(Information given Opens)
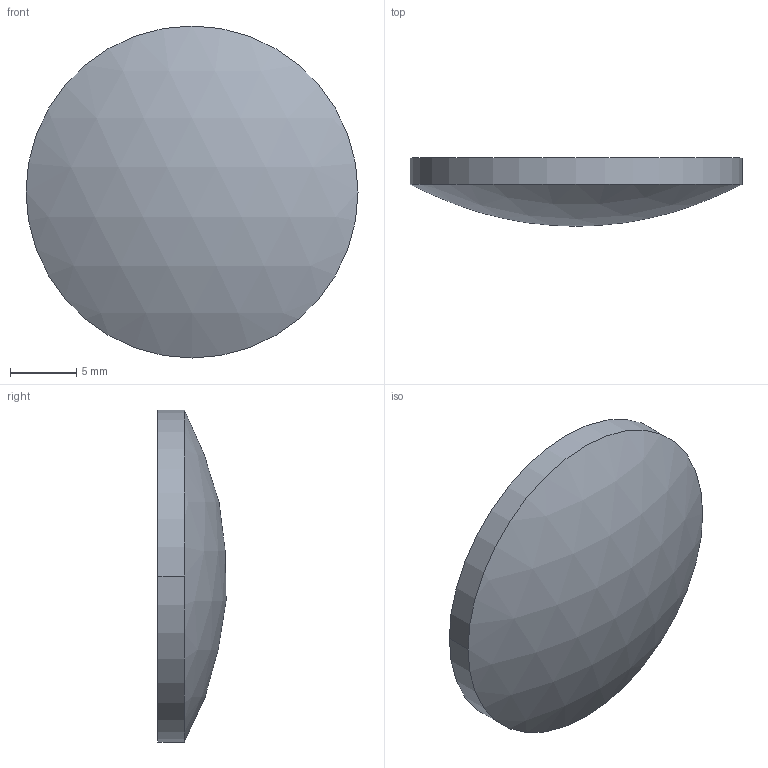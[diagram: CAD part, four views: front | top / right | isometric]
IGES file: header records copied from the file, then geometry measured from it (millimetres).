
Global section: file name: No Iges File Name specified; native system: AutoDesk Inventor R12.0; preprocessor: AutoDesk Inventor Iges Exporter R12.0; author: No Author specified; organization: No Organization specified; date: 20090513.134947; units: millimetre
Bounding box: 25 x 5.13 x 25 mm (x, y, z)
Volume: 1782.2 mm3; surface area: 1170.5 mm2
Topology: 1 solids, 1 shells, 4 faces, 6 edges, 4 vertices
Faces by surface type: cylinder 2, sphere 1, plane 1
(Information given Closes)
Problem ->
Copy, without any change, the run of lines from the one with "IGES file: header" through the end of the entries above.

Completed task ->
IGES file: header records copied from the file, then geometry measured from it (millimetres).
Global section: file name: No Iges File Name specified; native system: AutoDesk Inventor R12.0; preprocessor: AutoDesk Inventor Iges Exporter R12.0; author: No Author specified; organization: No Organization specified; date: 20090513.134947; units: millimetre
Bounding box: 25 x 5.13 x 25 mm (x, y, z)
Volume: 1782.2 mm3; surface area: 1170.5 mm2
Topology: 1 solids, 1 shells, 4 faces, 6 edges, 4 vertices
Faces by surface type: cylinder 2, sphere 1, plane 1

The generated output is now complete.